Principle:Fastai Fastbook Stochastic Gradient Descent
| Knowledge Sources | |
|---|---|
| Domains | Deep Learning, Optimization, Machine Learning |
| Last Updated | 2026-02-09 17:00 GMT |
Overview
Stochastic Gradient Descent (SGD) is an iterative optimization algorithm that adjusts model parameters by computing the gradient of a loss function on small random subsets (mini-batches) of training data and stepping in the direction that reduces the loss.
Description
SGD is the foundational optimization algorithm behind all modern deep learning. Rather than computing the gradient over the entire dataset (which is expensive), SGD approximates it by sampling a small mini-batch at each step. This introduces noise into the gradient estimate, but in practice the noise acts as a beneficial regularizer and the method converges efficiently.
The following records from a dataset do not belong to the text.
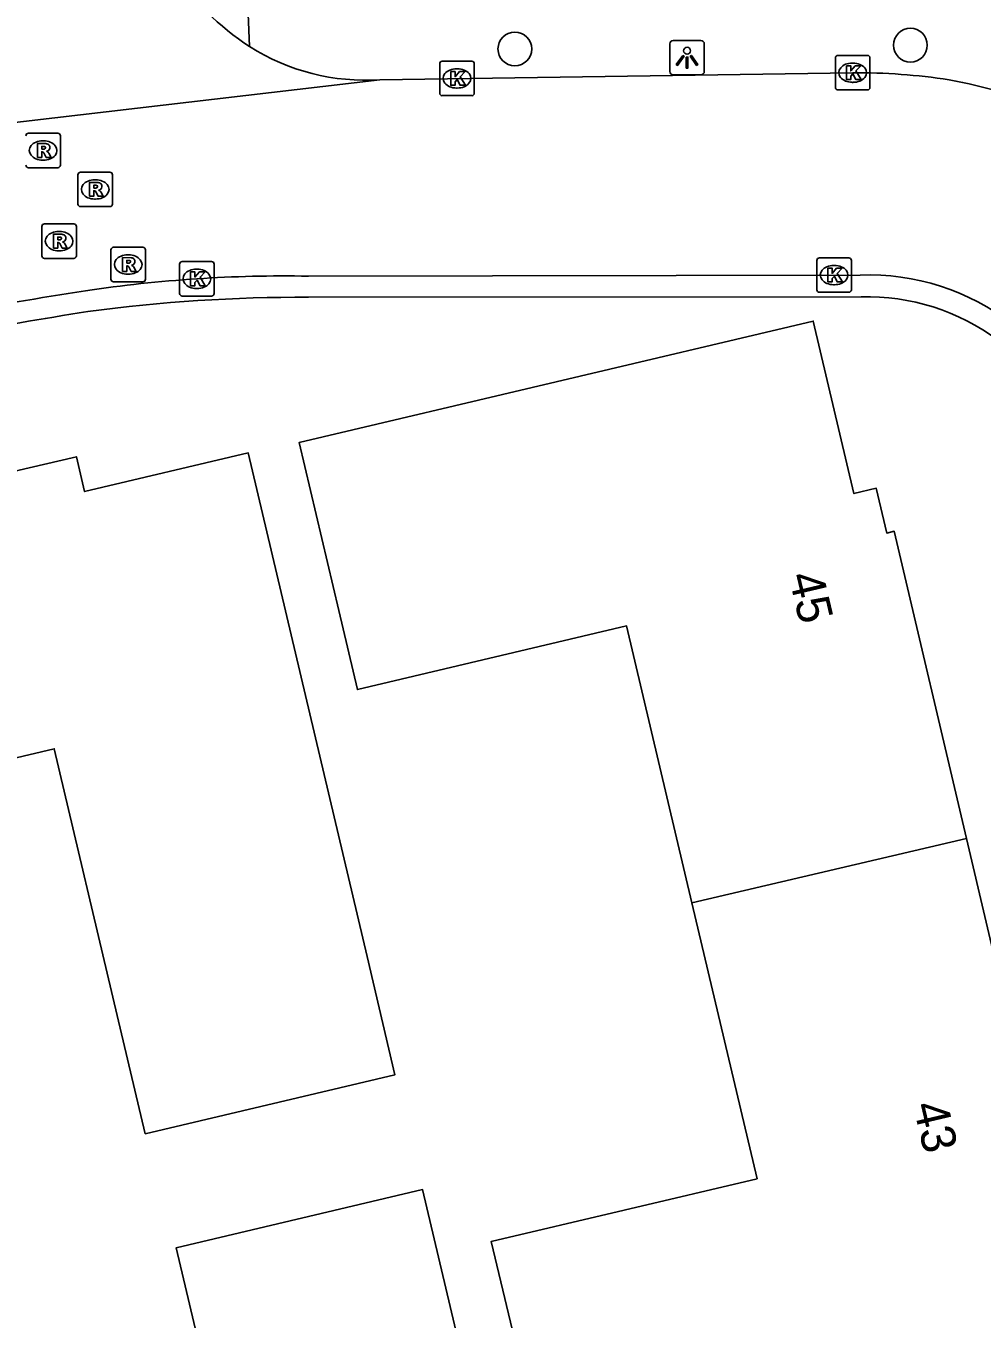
# Model space of a CAD drawing. Extents: x 157663 to 158496, y 379212 to 380934.
# Drawn here: x 158281.55 to 158309.27, y 380570.2 to 380607.68 of the extents above; entities that cross this region are included whole.
import ezdxf

# ---------------------------------------------------------------- set-up
doc = ezdxf.new("R2010")
doc.units = 0
for name, color, linetype in [('IMGEO_Boom', 7, 'Continuous'), ('IMGEO_Kolk', 7, 'Continuous'), ('IMGEO_Lichtpunt', 7, 'Continuous'), ('IMGEO_Pand', 7, 'Continuous'), ('IMGEO_Pand_nummerreeks', 7, 'Continuous'), ('IMGEO_Rijbaan_lokaal_open', 7, 'Continuous'), ('IMGEO_Rioolput', 7, 'Continuous'), ('IMGEO_Voetpad_open', 7, 'Continuous')]:
    doc.layers.add(name, color=color, linetype=linetype)

msp = doc.modelspace()

# ---------------------------------------------------------------- linework, layer by layer
at = {"layer": 'IMGEO_Boom'}
for centre in [(158307.195, 380607.125), (158295.728, 380607.014)]:
    msp.add_circle(centre, 0.489, dxfattribs=at)
at = {"layer": 'IMGEO_Kolk'}
for p, q in [((158305.096, 380606.827), (158305.948, 380606.827)), ((158293.549, 380605.735), (158293.549, 380606.587)), ((158293.624, 380606.661), (158294.476, 380606.661)), ((158294.037, 380606.441), (158294.062, 380606.441)), ((158294.55, 380606.587), (158294.55, 380605.735)), ((158305.021, 380605.901), (158305.021, 380606.753)), ((158305.509, 380606.607), (158305.534, 380606.607)), ((158306.022, 380606.753), (158306.022, 380605.901)), ((158294.06, 380605.881), (158294.035, 380605.881)), ((158305.948, 380605.827), (158305.096, 380605.827)), ((158305.532, 380606.047), (158305.507, 380606.047)), ((158294.476, 380605.661), (158293.624, 380605.661)), ((158286.083, 380600.852), (158286.935, 380600.852)), ((158304.482, 380600.035), (158304.482, 380600.887)), ((158304.557, 380600.961), (158305.409, 380600.961)), ((158305.483, 380600.887), (158305.483, 380600.035)), ((158286.008, 380599.926), (158286.008, 380600.778)), ((158286.496, 380600.632), (158286.521, 380600.632)), ((158287.009, 380600.778), (158287.009, 380599.926)), ((158304.97, 380600.741), (158304.995, 380600.741)), ((158286.519, 380600.072), (158286.494, 380600.072)), ((158304.993, 380600.181), (158304.968, 380600.181)), ((158286.935, 380599.852), (158286.083, 380599.852)), ((158305.409, 380599.961), (158304.557, 380599.961))]:
    msp.add_line(p, q, dxfattribs=at)
for points in [[(158305.096, 380606.827), (158305.948, 380606.827)], [(158293.549, 380605.735), (158293.549, 380606.587)], [(158293.624, 380606.661), (158294.476, 380606.661)], [(158294.55, 380606.587), (158294.55, 380605.735)], [(158305.021, 380605.901), (158305.021, 380606.753)], [(158305.342, 380606.527), (158305.465, 380606.527), (158305.465, 380606.376), (158305.595, 380606.527), (158305.759, 380606.527), (158305.613, 380606.376), (158305.766, 380606.127), (158305.614, 380606.127), (158305.529, 380606.291), (158305.465, 380606.224), (158305.465, 380606.127), (158305.342, 380606.127), (158305.342, 380606.527)], [(158306.022, 380606.753), (158306.022, 380605.901)], [(158293.87, 380606.361), (158293.993, 380606.361), (158293.993, 380606.21), (158294.123, 380606.361), (158294.287, 380606.361), (158294.141, 380606.21), (158294.294, 380605.961), (158294.142, 380605.961), (158294.057, 380606.125), (158293.993, 380606.058), (158293.993, 380605.961), (158293.87, 380605.961), (158293.87, 380606.361)], [(158305.948, 380605.827), (158305.096, 380605.827)], [(158294.476, 380605.661), (158293.624, 380605.661)], [(158286.083, 380600.852), (158286.935, 380600.852)], [(158304.482, 380600.035), (158304.482, 380600.887)], [(158304.557, 380600.961), (158305.409, 380600.961)], [(158305.483, 380600.887), (158305.483, 380600.035)], [(158286.008, 380599.926), (158286.008, 380600.778)], [(158286.329, 380600.552), (158286.452, 380600.552), (158286.452, 380600.401), (158286.582, 380600.552), (158286.746, 380600.552), (158286.6, 380600.401), (158286.753, 380600.152), (158286.601, 380600.152), (158286.516, 380600.316), (158286.452, 380600.249), (158286.452, 380600.152), (158286.329, 380600.152), (158286.329, 380600.552)], [(158287.009, 380600.778), (158287.009, 380599.926)], [(158304.803, 380600.661), (158304.926, 380600.661), (158304.926, 380600.51), (158305.056, 380600.661), (158305.22, 380600.661), (158305.074, 380600.51), (158305.227, 380600.261), (158305.075, 380600.261), (158304.99, 380600.425), (158304.926, 380600.358), (158304.926, 380600.261), (158304.803, 380600.261), (158304.803, 380600.661)], [(158286.935, 380599.852), (158286.083, 380599.852)], [(158305.409, 380599.961), (158304.557, 380599.961)]]:
    msp.add_lwpolyline(points, dxfattribs=at)
for centre, start, end in [((158305.098, 380606.751), 91.552, 178.448), ((158305.098, 380606.751), 91.552, 178.448), ((158305.946, 380606.751), 1.552, 88.448), ((158305.946, 380606.751), 1.552, 88.448), ((158293.626, 380606.585), 91.552, 178.448), ((158293.626, 380606.585), 91.552, 178.448), ((158294.474, 380606.585), 1.552, 88.448), ((158294.474, 380606.585), 1.552, 88.448), ((158293.626, 380605.737), 181.552, 268.448), ((158293.626, 380605.737), 181.552, 268.448), ((158294.474, 380605.737), 271.552, 358.448), ((158294.474, 380605.737), 271.552, 358.448), ((158305.098, 380605.903), 181.552, 268.448), ((158305.098, 380605.903), 181.552, 268.448), ((158305.946, 380605.903), 271.552, 358.448), ((158305.946, 380605.903), 271.552, 358.448), ((158286.085, 380600.776), 91.552, 178.448), ((158286.085, 380600.776), 91.552, 178.448), ((158286.933, 380600.776), 1.552, 88.448), ((158286.933, 380600.776), 1.552, 88.448), ((158304.559, 380600.885), 91.552, 178.448), ((158304.559, 380600.885), 91.552, 178.448), ((158305.407, 380600.885), 1.552, 88.448), ((158305.407, 380600.885), 1.552, 88.448), ((158286.085, 380599.928), 181.552, 268.448), ((158286.085, 380599.928), 181.552, 268.448), ((158286.933, 380599.928), 271.552, 358.448), ((158286.933, 380599.928), 271.552, 358.448), ((158304.559, 380600.037), 181.552, 268.448), ((158304.559, 380600.037), 181.552, 268.448), ((158305.407, 380600.037), 271.552, 358.448), ((158305.407, 380600.037), 271.552, 358.448)]:
    msp.add_arc(centre, 0.0765, start, end, dxfattribs=at)
for centre, major_axis, ratio, start_param, end_param in [((158294.036, 380606.161), (-0.387, 0.002), 0.722429, 4.712389, 7.853982), ((158294.061, 380606.161), (-0.39, 0.002), 0.717154, 1.570796, 4.712389), ((158305.508, 380606.327), (-0.387, 0.002), 0.722429, 4.712389, 7.853982), ((158305.533, 380606.327), (-0.39, 0.002), 0.717154, 1.570796, 4.712389), ((158286.495, 380600.352), (-0.387, 0.002), 0.722429, 4.712389, 7.853982), ((158286.52, 380600.352), (-0.39, 0.002), 0.717154, 1.570796, 4.712389), ((158304.969, 380600.461), (-0.387, 0.002), 0.722429, 4.712389, 7.853982), ((158304.994, 380600.461), (-0.39, 0.002), 0.717154, 1.570796, 4.712389)]:
    msp.add_ellipse(centre, major_axis=major_axis, ratio=ratio, start_param=start_param, end_param=end_param, dxfattribs=at)
at = {"layer": 'IMGEO_Lichtpunt'}
for p, q in [((158301.124, 380607.26), (158300.316, 380607.26)), ((158301.124, 380607.26), (158300.316, 380607.26)), ((158300.222, 380607.165), (158300.222, 380606.358)), ((158300.222, 380607.165), (158300.222, 380606.358)), ((158301.218, 380606.358), (158301.218, 380607.165)), ((158301.218, 380606.358), (158301.218, 380607.165)), ((158300.316, 380606.264), (158301.124, 380606.264)), ((158300.316, 380606.264), (158301.124, 380606.264))]:
    msp.add_line(p, q, dxfattribs=at)
for points in [[(158300.596, 380606.829), (158300.635, 380606.801), (158300.447, 380606.539), (158300.409, 380606.566), (158300.596, 380606.829)], [(158300.808, 380606.801), (158300.846, 380606.828), (158301.033, 380606.566), (158300.994, 380606.538), (158300.808, 380606.801)], [(158300.698, 380606.781), (158300.745, 380606.781), (158300.745, 380606.459), (158300.698, 380606.459), (158300.698, 380606.781)]]:
    msp.add_lwpolyline(points, dxfattribs=at)
msp.add_circle((158300.721, 380606.963), 0.0994, dxfattribs=at)
for centre, start, end in [((158300.316, 380607.165), 90, 180), ((158300.316, 380607.165), 90, 180), ((158301.124, 380607.165), 0, 90), ((158301.124, 380607.165), 0, 90), ((158300.316, 380606.358), 180, 270), ((158300.316, 380606.358), 180, 270), ((158301.124, 380606.358), 270, 0), ((158301.124, 380606.358), 270, 360)]:
    msp.add_arc(centre, 0.0946, start, end, dxfattribs=at)
at = {"layer": 'IMGEO_Pand'}
for points in [[(158300.861, 380582.262), (158298.966, 380590.29), (158291.165, 380588.448), (158290.624, 380590.742), (158289.475, 380595.608), (158304.376, 380599.126), (158305.555, 380594.129), (158306.205, 380594.282), (158306.511, 380592.984), (158306.727, 380593.035), (158308.819, 380584.132)], [(158284.202, 380578.996), (158282.375, 380586.733), (158274.437, 380584.859), (158272.544, 380592.878), (158280.783, 380594.822), (158280.817, 380594.677), (158283.016, 380595.196), (158283.254, 380594.187), (158287.998, 380595.307), (158291.445, 380580.706), (158292.253, 380577.282), (158285.011, 380575.572), (158284.202, 380578.996)], [(158308.819, 380584.132), (158311.215, 380573.937), (158310.521, 380573.774), (158311.701, 380568.774), (158296.746, 380565.243), (158295.597, 380570.11), (158295.044, 380572.45), (158302.748, 380574.269), (158300.861, 380582.262)], [(158300.861, 380582.262), (158308.819, 380584.132)], [(158279.84, 380562.604), (158287.75, 380564.472), (158285.909, 380572.269), (158293.053, 380573.955), (158296.468, 380559.488), (158291.752, 380558.375), (158292.016, 380557.255), (158289.804, 380556.733), (158289.865, 380556.476), (158285.18, 380555.37), (158285.132, 380555.571), (158281.797, 380554.784)]]:
    msp.add_lwpolyline(points, dxfattribs=at)
at = {"layer": 'IMGEO_Rijbaan_lokaal_open'}
for points in [[(158274.446, 380604.09), (158291.809, 380606.12)], [(158291.809, 380606.12), (158305.522, 380606.327)], [(158289.749, 380600.43), (158305.739, 380600.459)]]:
    msp.add_lwpolyline(points, dxfattribs=at)
for centre, radius, start, end in [((158292.409, 380613.78), 7.996, 191.92, 236.8741), ((158291.407, 380612.405), 6.298, 237.6777, 273.6641), ((158305.595, 380587.964), 18.363, 81.4695, 90.2282), ((158304.515, 380586.953), 19.545, 60.2227, 78.778), ((158305.995, 380593.71), 6.754, 52.0813, 92.1758), ((158289.065, 380561.36), 39.076, 88.9966, 98.5176), ((158298.764, 380499.118), 102.069, 98.72744, 103.23449)]:
    msp.add_arc(centre, radius, start, end, dxfattribs=at)
at = {"layer": 'IMGEO_Rioolput'}
for p, q in [((158281.626, 380604.572), (158282.478, 380604.572)), ((158282.039, 380604.352), (158282.064, 380604.352)), ((158282.552, 380604.498), (158282.552, 380603.646)), ((158282.478, 380603.572), (158281.626, 380603.572)), ((158282.062, 380603.792), (158282.037, 380603.792)), ((158283.135, 380603.444), (158283.987, 380603.444)), ((158283.06, 380602.518), (158283.06, 380603.37)), ((158283.548, 380603.224), (158283.573, 380603.224)), ((158284.061, 380603.37), (158284.061, 380602.518)), ((158283.987, 380602.444), (158283.135, 380602.444)), ((158283.571, 380602.664), (158283.546, 380602.664)), ((158282.09, 380601.944), (158282.942, 380601.944)), ((158282.015, 380601.018), (158282.015, 380601.87)), ((158282.503, 380601.724), (158282.528, 380601.724)), ((158283.016, 380601.87), (158283.016, 380601.018)), ((158284.017, 380600.34), (158284.017, 380601.192)), ((158284.092, 380601.266), (158284.944, 380601.266)), ((158285.018, 380601.192), (158285.018, 380600.34)), ((158282.942, 380600.944), (158282.09, 380600.944)), ((158282.526, 380601.164), (158282.501, 380601.164)), ((158284.505, 380601.046), (158284.53, 380601.046)), ((158284.528, 380600.486), (158284.503, 380600.486)), ((158284.944, 380600.266), (158284.092, 380600.266))]:
    msp.add_line(p, q, dxfattribs=at)
for points in [[(158281.626, 380604.572), (158282.478, 380604.572)], [(158282.14, 380604.27), (158281.888, 380604.272), (158281.888, 380603.872)], [(158282.066, 380604.191), (158282.012, 380604.191), (158282.012, 380604.11)], [(158282.552, 380604.498), (158282.552, 380603.646)], [(158281.888, 380603.872), (158282.012, 380603.872), (158282.012, 380604.034), (158282.023, 380604.034)], [(158282.012, 380604.11), (158282.064, 380604.11)], [(158282.07, 380604.005), (158282.141, 380603.872), (158282.281, 380603.872), (158282.216, 380603.998)], [(158282.478, 380603.572), (158281.626, 380603.572)], [(158283.135, 380603.444), (158283.987, 380603.444)], [(158283.06, 380602.518), (158283.06, 380603.37)], [(158283.649, 380603.142), (158283.397, 380603.144), (158283.397, 380602.744)], [(158284.061, 380603.37), (158284.061, 380602.518)], [(158283.397, 380602.744), (158283.521, 380602.744), (158283.521, 380602.906), (158283.532, 380602.906)], [(158283.575, 380603.063), (158283.521, 380603.063), (158283.521, 380602.982)], [(158283.521, 380602.982), (158283.573, 380602.982)], [(158283.579, 380602.877), (158283.65, 380602.744), (158283.79, 380602.744), (158283.725, 380602.87)], [(158283.987, 380602.444), (158283.135, 380602.444)], [(158282.09, 380601.944), (158282.942, 380601.944)], [(158282.015, 380601.018), (158282.015, 380601.87)], [(158282.604, 380601.642), (158282.352, 380601.644), (158282.352, 380601.244)], [(158283.016, 380601.87), (158283.016, 380601.018)], [(158282.352, 380601.244), (158282.476, 380601.244), (158282.476, 380601.406), (158282.487, 380601.406)], [(158282.53, 380601.563), (158282.476, 380601.563), (158282.476, 380601.482)], [(158282.476, 380601.482), (158282.528, 380601.482)], [(158282.534, 380601.377), (158282.605, 380601.244), (158282.745, 380601.244), (158282.68, 380601.37)], [(158284.017, 380600.34), (158284.017, 380601.192)], [(158284.092, 380601.266), (158284.944, 380601.266)], [(158285.018, 380601.192), (158285.018, 380600.34)], [(158282.942, 380600.944), (158282.09, 380600.944)], [(158284.606, 380600.964), (158284.354, 380600.966), (158284.354, 380600.566)], [(158284.532, 380600.885), (158284.478, 380600.885), (158284.478, 380600.804)], [(158284.354, 380600.566), (158284.478, 380600.566), (158284.478, 380600.728), (158284.489, 380600.728)], [(158284.478, 380600.804), (158284.53, 380600.804)], [(158284.536, 380600.699), (158284.607, 380600.566), (158284.747, 380600.566), (158284.682, 380600.692)], [(158284.944, 380600.266), (158284.092, 380600.266)]]:
    msp.add_lwpolyline(points, dxfattribs=at)
for centre, radius, start, end in [((158281.628, 380604.496), 0.0765, 91.552, 178.448), ((158281.628, 380604.496), 0.0765, 91.552, 178.448), ((158282.476, 380604.496), 0.0765, 1.552, 88.448), ((158282.476, 380604.496), 0.0765, 1.552, 88.448), ((158282.072, 380604.095), 0.0964, 77.0061, 93.1865), ((158282.086, 380604.152), 0.0378, 276.6634, 79.6772), ((158282.139, 380604.16), 0.109, 350.3612, 89.416), ((158282.022, 380603.981), 0.0533, 26.0293, 88.6989), ((158282.048, 380604.299), 0.19, 274.7715, 282.9687), ((158282.137, 380604.16), 0.112, 277.5842, 350.9817), ((158282.121, 380603.945), 0.108, 29.5134, 73.7905), ((158281.628, 380603.648), 0.0765, 181.552, 268.448), ((158281.628, 380603.648), 0.0765, 181.552, 268.448), ((158282.476, 380603.648), 0.0765, 271.552, 358.448), ((158282.476, 380603.648), 0.0765, 271.552, 358.448), ((158283.137, 380603.368), 0.0765, 91.552, 178.448), ((158283.137, 380603.368), 0.0765, 91.552, 178.448), ((158283.985, 380603.368), 0.0765, 1.552, 88.448), ((158283.985, 380603.368), 0.0765, 1.552, 88.448), ((158283.648, 380603.032), 0.109, 350.3612, 89.416), ((158283.531, 380602.853), 0.0533, 26.0293, 88.6989), ((158283.557, 380603.171), 0.19, 274.7715, 282.9687), ((158283.581, 380602.967), 0.0964, 77.0061, 93.1865), ((158283.595, 380603.024), 0.0378, 276.6634, 79.6772), ((158283.646, 380603.032), 0.112, 277.5842, 350.9817), ((158283.63, 380602.817), 0.108, 29.5134, 73.7905), ((158283.137, 380602.52), 0.0765, 181.552, 268.448), ((158283.137, 380602.52), 0.0765, 181.552, 268.448), ((158283.985, 380602.52), 0.0765, 271.552, 358.448), ((158283.985, 380602.52), 0.0765, 271.552, 358.448), ((158282.092, 380601.868), 0.0765, 91.552, 178.448), ((158282.092, 380601.868), 0.0765, 91.552, 178.448), ((158282.94, 380601.868), 0.0765, 1.552, 88.448), ((158282.94, 380601.868), 0.0765, 1.552, 88.448), ((158282.603, 380601.532), 0.109, 350.3612, 89.416), ((158282.486, 380601.353), 0.0533, 26.0293, 88.6989), ((158282.512, 380601.671), 0.19, 274.7715, 282.9687), ((158282.536, 380601.467), 0.0964, 77.0061, 93.1865), ((158282.55, 380601.524), 0.0378, 276.6634, 79.6772), ((158282.601, 380601.532), 0.112, 277.5842, 350.9817), ((158282.585, 380601.317), 0.108, 29.5134, 73.7905), ((158284.094, 380601.19), 0.0765, 91.552, 178.448), ((158284.094, 380601.19), 0.0765, 91.552, 178.448), ((158284.942, 380601.19), 0.0765, 1.552, 88.448), ((158284.942, 380601.19), 0.0765, 1.552, 88.448), ((158282.092, 380601.02), 0.0765, 181.552, 268.448), ((158282.092, 380601.02), 0.0765, 181.552, 268.448), ((158282.94, 380601.02), 0.0765, 271.552, 358.448), ((158282.94, 380601.02), 0.0765, 271.552, 358.448), ((158284.538, 380600.789), 0.0964, 77.0061, 93.1865), ((158284.552, 380600.846), 0.0378, 276.6634, 79.6772), ((158284.605, 380600.854), 0.109, 350.3612, 89.416), ((158284.603, 380600.854), 0.112, 277.5842, 350.9817), ((158284.488, 380600.675), 0.0533, 26.0293, 88.6989), ((158284.514, 380600.993), 0.19, 274.7715, 282.9687), ((158284.587, 380600.639), 0.108, 29.5134, 73.7905), ((158284.094, 380600.342), 0.0765, 181.552, 268.448), ((158284.094, 380600.342), 0.0765, 181.552, 268.448), ((158284.942, 380600.342), 0.0765, 271.552, 358.448), ((158284.942, 380600.342), 0.0765, 271.552, 358.448)]:
    msp.add_arc(centre, radius, start, end, dxfattribs=at)
for centre, major_axis, ratio, start_param, end_param in [((158282.038, 380604.072), (-0.387, 0.002), 0.722429, 4.712389, 7.853982), ((158282.063, 380604.072), (-0.39, 0.002), 0.717154, 1.570796, 4.712389), ((158283.547, 380602.944), (-0.387, 0.002), 0.722429, 4.712389, 7.853982), ((158283.572, 380602.944), (-0.39, 0.002), 0.717154, 1.570796, 4.712389), ((158282.502, 380601.444), (-0.387, 0.002), 0.722429, 4.712389, 7.853982), ((158282.527, 380601.444), (-0.39, 0.002), 0.717154, 1.570796, 4.712389), ((158284.504, 380600.766), (-0.387, 0.002), 0.722429, 4.712389, 7.853982), ((158284.529, 380600.766), (-0.39, 0.002), 0.717154, 1.570796, 4.712389)]:
    msp.add_ellipse(centre, major_axis=major_axis, ratio=ratio, start_param=start_param, end_param=end_param, dxfattribs=at)
at = {"layer": 'IMGEO_Voetpad_open'}
for points in [[(158287.872, 380611.127), (158288.039, 380607.083)], [(158305.77, 380599.832), (158289.746, 380599.818)]]:
    msp.add_lwpolyline(points, dxfattribs=at)
for centre, radius, start, end in [((158289.554, 380553.146), 46.672, 89.7638, 97.6408), ((158305.931, 380593.472), 6.362, 53.3327, 91.4459), ((158300.695, 380488.355), 112.395, 98.87864, 102.94344)]:
    msp.add_arc(centre, radius, start, end, dxfattribs=at)

# ---------------------------------------------------------------- texts
at = {"layer": 'IMGEO_Pand_nummerreeks'}
for s, p in [('45', (158303.661, 380591.744)), ('43', (158307.268, 380576.397))]:
    msp.add_text(s, height=1, rotation=283.2245, dxfattribs=at).set_placement(p)

doc.saveas('drawing.dxf')

The algorithm proceeds through a repeating cycle of seven steps:
- Initialize parameters with random values.
- Predict outputs by running the model on the current mini-batch.
- Compute loss by comparing predictions to targets.
- Compute gradients of the loss with respect to all parameters (via backpropagation).
- Update parameters by subtracting the gradient scaled by a learning rate.
- Zero the gradients so they do not accumulate across steps.
- Repeat from step 2 until convergence.
Usage
Use SGD (or one of its variants like Adam) whenever you need to:
- Train any parameterized model (linear, neural network, etc.) to minimize a loss function.
- Find optimal weights and biases that fit training data.
- Implement a training loop from scratch to understand the fundamentals before using library abstractions.
Theoretical Basis
The Gradient
For a scalar loss function L(w) that depends on parameter vector w, the gradient is the vector of partial derivatives:
grad_L = [dL/dw_1, dL/dw_2, ..., dL/dw_n]
The gradient points in the direction of steepest increase of the loss. Therefore, moving in the opposite direction (subtracting the gradient) decreases the loss.
Parameter Update Rule
The basic SGD update rule is:
w_new = w_old - lr * grad_L(w_old)
Where lr is the learning rate, a small positive scalar (typically between 0.001 and 0.1) that controls the step size.
Learning Rate Selection
The learning rate is the most critical hyperparameter:
- Too small: Convergence is very slow, requiring many iterations.
- Too large: The loss may diverge or oscillate wildly, never converging.
- Just right: The loss decreases steadily toward a minimum.
Mini-batch Stochasticity
In full-batch gradient descent, the gradient is computed over all N training samples. In SGD, the gradient is computed over a mini-batch of size B << N:
grad_approx = (1/B) * sum(grad_L_i for i in mini_batch)
This stochastic approximation has lower computational cost per step and often leads to better generalization because the noise helps escape shallow local minima.
Gradient Zeroing
After each parameter update, gradients must be reset to zero. Without zeroing, PyTorch accumulates gradients across successive backward() calls, which would corrupt the optimization:
for each step:
compute gradients # backward()
update parameters # w -= lr * w.grad
zero gradients # w.grad = 0 (or None)
The requires_grad Mechanism
Parameters must be flagged with requires_grad=True so that the automatic differentiation engine records operations on them and can compute gradients during the backward pass.